The "Cluster" portion of MySQL Cluster is configured independently of the MySQL servers. In a MySQL Cluster, each part of the cluster is considered to be a node.
In many contexts, the term "node" is used to indicate a computer, but when discussing MySQL Cluster it means a process. It is possible to run multiple nodes on a single computer; for a computer on which one or more cluster nodes are being run we use the term cluster host.
There are three types of cluster nodes, and in a minimal MySQL Cluster configuration, there will be at least three nodes, one of each of these types:
Management node: The role of this type of node is to manage the other nodes within the MySQL Cluster, performing such functions as providing configuration data, starting and stopping nodes, running backup, and so forth. Because this node type manages the configuration of the other nodes, a node of this type should be started first, before any other node. An MGM node is started with the command ndb_mgmd.
Data node: This type of node stores cluster data. There are as many data nodes as there are replicas, times the number of fragments (see Section 17.1.2, "MySQL Cluster Nodes, Node Groups, Replicas, and Partitions"). For example, with two replicas, each having two fragments, you need four data nodes. One replica is sufficient for data storage, but provides no redundancy; therefore, it is recommended to have 2 (or more) replicas to provide redundancy, and thus high availability. A data node is started with the command ndbd (see Section 17.4.1, "ndbd — The MySQL Cluster Data Node Daemon") or ndbmtd (see Section 17.4.3, "ndbmtd — The MySQL Cluster Data Node Daemon (Multi-Threaded)").
MySQL Cluster tables are normally stored completely in memory rather than on disk (this is why we refer to MySQL Cluster as an in-memory database). However, some MySQL Cluster data can be stored on disk; see Section 17.5.12, "MySQL Cluster Disk Data Tables", for more information.
SQL node: This is a node that accesses the cluster data.
In the case of MySQL Cluster, an SQL node is a traditional MySQL server that uses the NDBCLUSTER storage engine. An SQL node is a mysqld process started with the --ndbcluster and --ndb-connectstring
options, which are explained elsewhere in this chapter, possibly with additional MySQL server options as
well.
An SQL node is actually just a specialized type of API node, which designates any application which accesses MySQL Cluster data. Another example of an API node is the ndb_restore utility that is used to restore a cluster backup. It is possible to write such applications using the NDB API. For basic information about the NDB API, see .
It is not realistic to expect to employ a three-node setup in a production environment. Such a configuration provides no redundancy; to benefit from MySQL Cluster's high-availability features, you must use multiple data and SQL nodes. The use of multiple management nodes is also highly recommended.
For a brief introduction to the relationships between nodes, node groups, replicas, and partitions in MySQL Cluster, see Section 17.1.2, "MySQL Cluster Nodes, Node Groups, Replicas, and Partitions".

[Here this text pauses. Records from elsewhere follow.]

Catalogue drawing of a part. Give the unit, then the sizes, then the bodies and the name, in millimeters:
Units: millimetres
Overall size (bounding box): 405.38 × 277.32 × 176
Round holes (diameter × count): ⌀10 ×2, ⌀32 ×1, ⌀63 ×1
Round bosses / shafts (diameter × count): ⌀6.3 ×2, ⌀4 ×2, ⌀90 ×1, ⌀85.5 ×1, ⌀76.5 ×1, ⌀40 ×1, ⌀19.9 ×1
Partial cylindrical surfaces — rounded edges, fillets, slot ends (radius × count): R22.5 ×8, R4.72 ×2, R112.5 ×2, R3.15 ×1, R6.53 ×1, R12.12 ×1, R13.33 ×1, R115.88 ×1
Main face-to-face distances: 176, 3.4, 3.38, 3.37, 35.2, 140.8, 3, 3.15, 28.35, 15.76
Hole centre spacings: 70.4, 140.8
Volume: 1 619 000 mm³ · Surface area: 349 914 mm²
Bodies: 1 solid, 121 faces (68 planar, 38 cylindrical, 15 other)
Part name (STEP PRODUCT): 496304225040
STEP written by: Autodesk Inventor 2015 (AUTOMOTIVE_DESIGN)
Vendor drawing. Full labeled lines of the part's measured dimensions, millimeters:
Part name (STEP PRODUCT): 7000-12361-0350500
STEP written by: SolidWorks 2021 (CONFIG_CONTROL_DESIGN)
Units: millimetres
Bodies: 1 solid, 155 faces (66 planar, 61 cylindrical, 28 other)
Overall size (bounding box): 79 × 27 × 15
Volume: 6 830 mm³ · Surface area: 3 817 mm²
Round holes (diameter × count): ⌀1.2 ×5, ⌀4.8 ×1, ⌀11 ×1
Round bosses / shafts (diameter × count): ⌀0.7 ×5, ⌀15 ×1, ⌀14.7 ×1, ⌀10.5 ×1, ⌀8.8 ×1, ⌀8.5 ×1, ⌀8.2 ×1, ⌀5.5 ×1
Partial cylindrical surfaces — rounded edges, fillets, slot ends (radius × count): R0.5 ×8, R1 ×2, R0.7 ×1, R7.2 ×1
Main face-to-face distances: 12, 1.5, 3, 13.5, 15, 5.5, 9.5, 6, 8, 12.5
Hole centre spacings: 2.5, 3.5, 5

Configuration of a cluster involves configuring each individual node in the cluster and setting up individual communication links between nodes. MySQL Cluster is currently designed with the intention that data nodes are homogeneous in terms of processor power, memory space, and bandwidth. In addition, to provide a single point of configuration, all configuration data for the cluster as a whole is located in one configuration file.

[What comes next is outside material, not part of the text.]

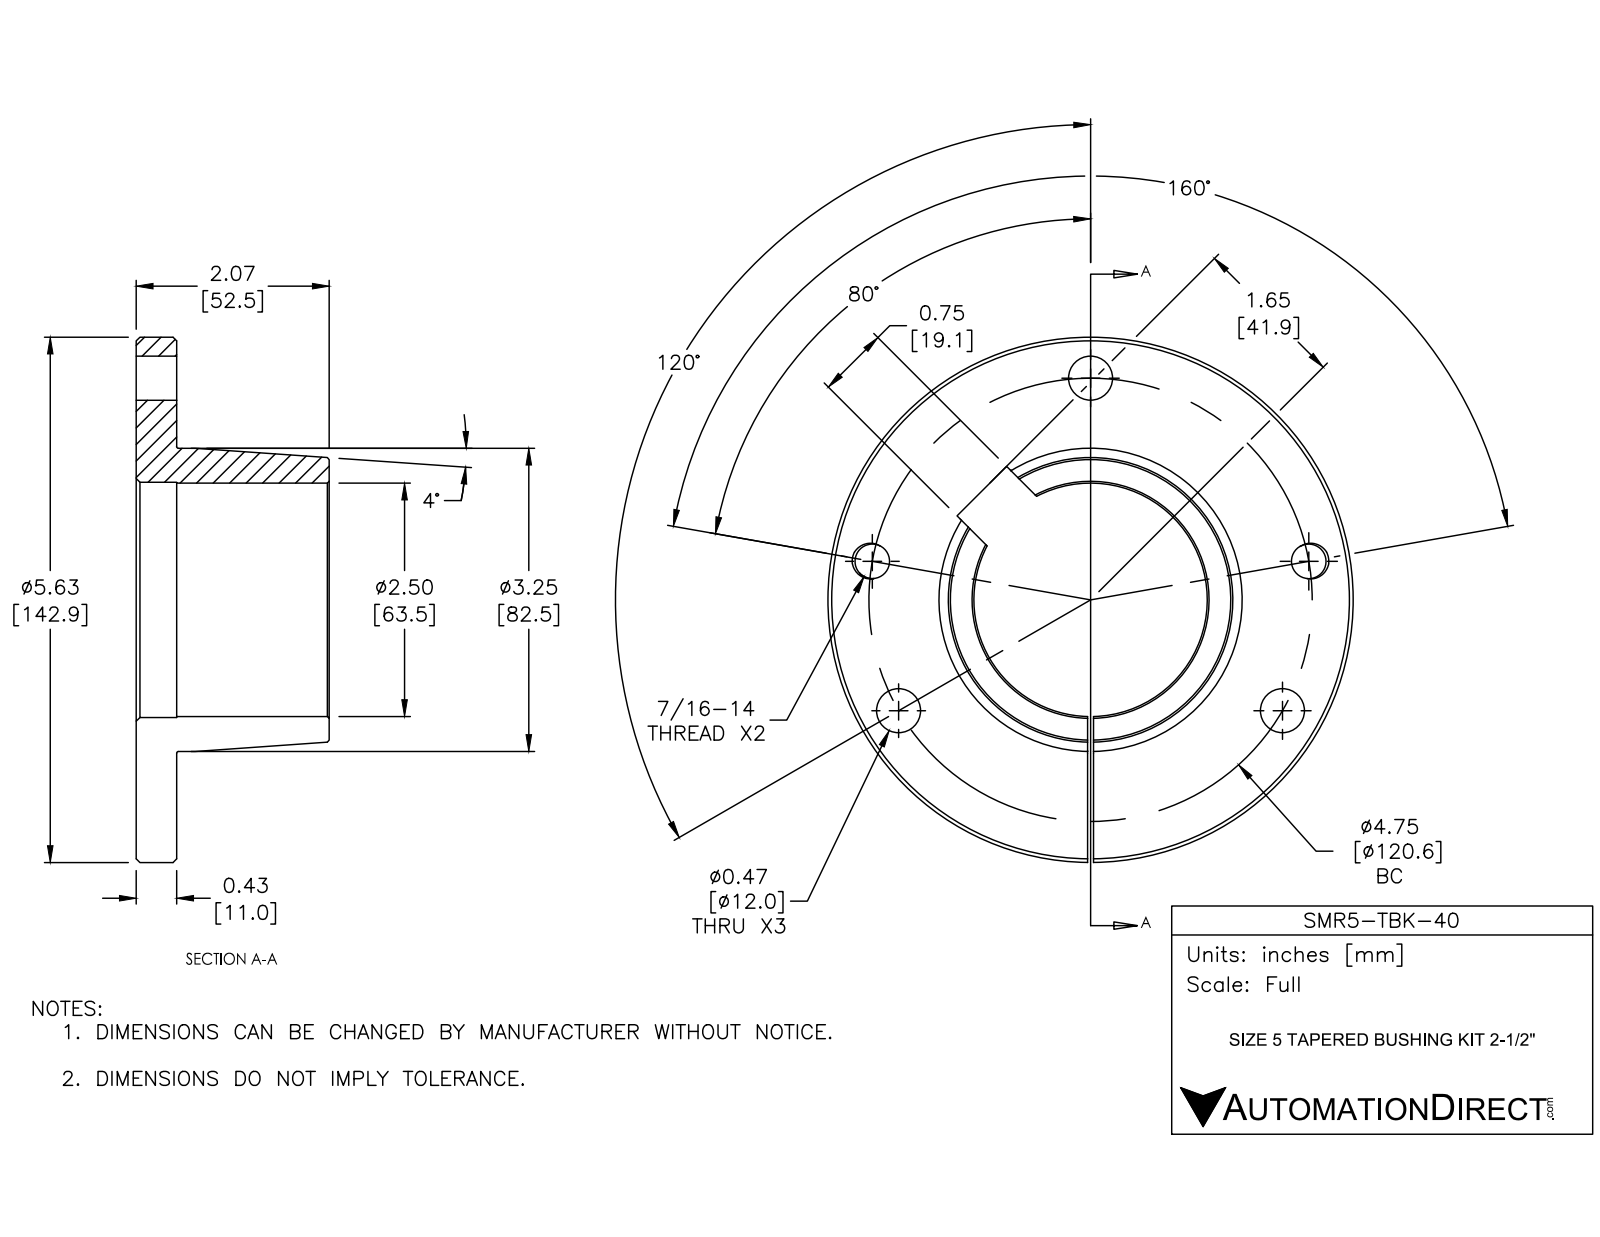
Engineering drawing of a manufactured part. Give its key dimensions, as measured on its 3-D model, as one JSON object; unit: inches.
{"part_name": "SMR5-TBK-40", "step_written_by": "SolidWorks 2016 (AUTOMOTIVE_DESIGN)", "units": "inches", "bodies": {"solids": 1, "faces": 98, "planar": 11, "cylindrical": 67, "other": 20}, "overall_size": [5.626, 5.626, 2.067], "volume_in3": 12.41, "surface_area_in2": 80.25, "round_holes": [[0.472, 3], [0.37, 2], [0.43, 2], [2.5, 1], [2.52, 1]], "round_bosses_or_shafts": [[5.626, 1], [3.247, 1]], "face_to_face_distances": [0.433, 2.067, 1.634, 0.063, 0.75], "hole_center_spacings": [2.374, 4.112, 4.676, 1.624, 3.052]}

The management server manages the cluster configuration file and the cluster log. Each node in the cluster retrieves the configuration data from the management server, and so requires a way to determine where the management server resides. When interesting events occur in the data nodes, the nodes transfer information about these events to the management server, which then writes the information to the cluster log.
In addition, there can be any number of cluster client processes or applications. These include standard MySQL
clients, NDB-specific API programs, and management clients. These are described in
the next few paragraphs.
Standard MySQL clients. MySQL Cluster can be used with existing MySQL applications written in PHP, Perl, C, C++, Java, Python, Ruby, and so on. Such client applications send SQL statements to and receive responses from MySQL servers acting as MySQL Cluster SQL nodes in much the same way that they interact with standalone MySQL servers.
MySQL clients using a MySQL Cluster as a data source can be modified to take advantage of the ability to connect
with multiple MySQL servers to achieve load balancing and failover. For example, Java clients using Connector/J
5.0.6 and later can use jdbc:mysql:loadbalance:// URLs (improved in Connector/J
5.1.7) to achieve load balancing transparently; for more information about using Connector/J with MySQL Cluster,
see .
NDB client programs. Client programs can be written that access MySQL
Cluster data directly from the NDBCLUSTER storage engine, bypassing any MySQL
Servers that may connected to the cluster, using the NDB API, a high-level C++ API.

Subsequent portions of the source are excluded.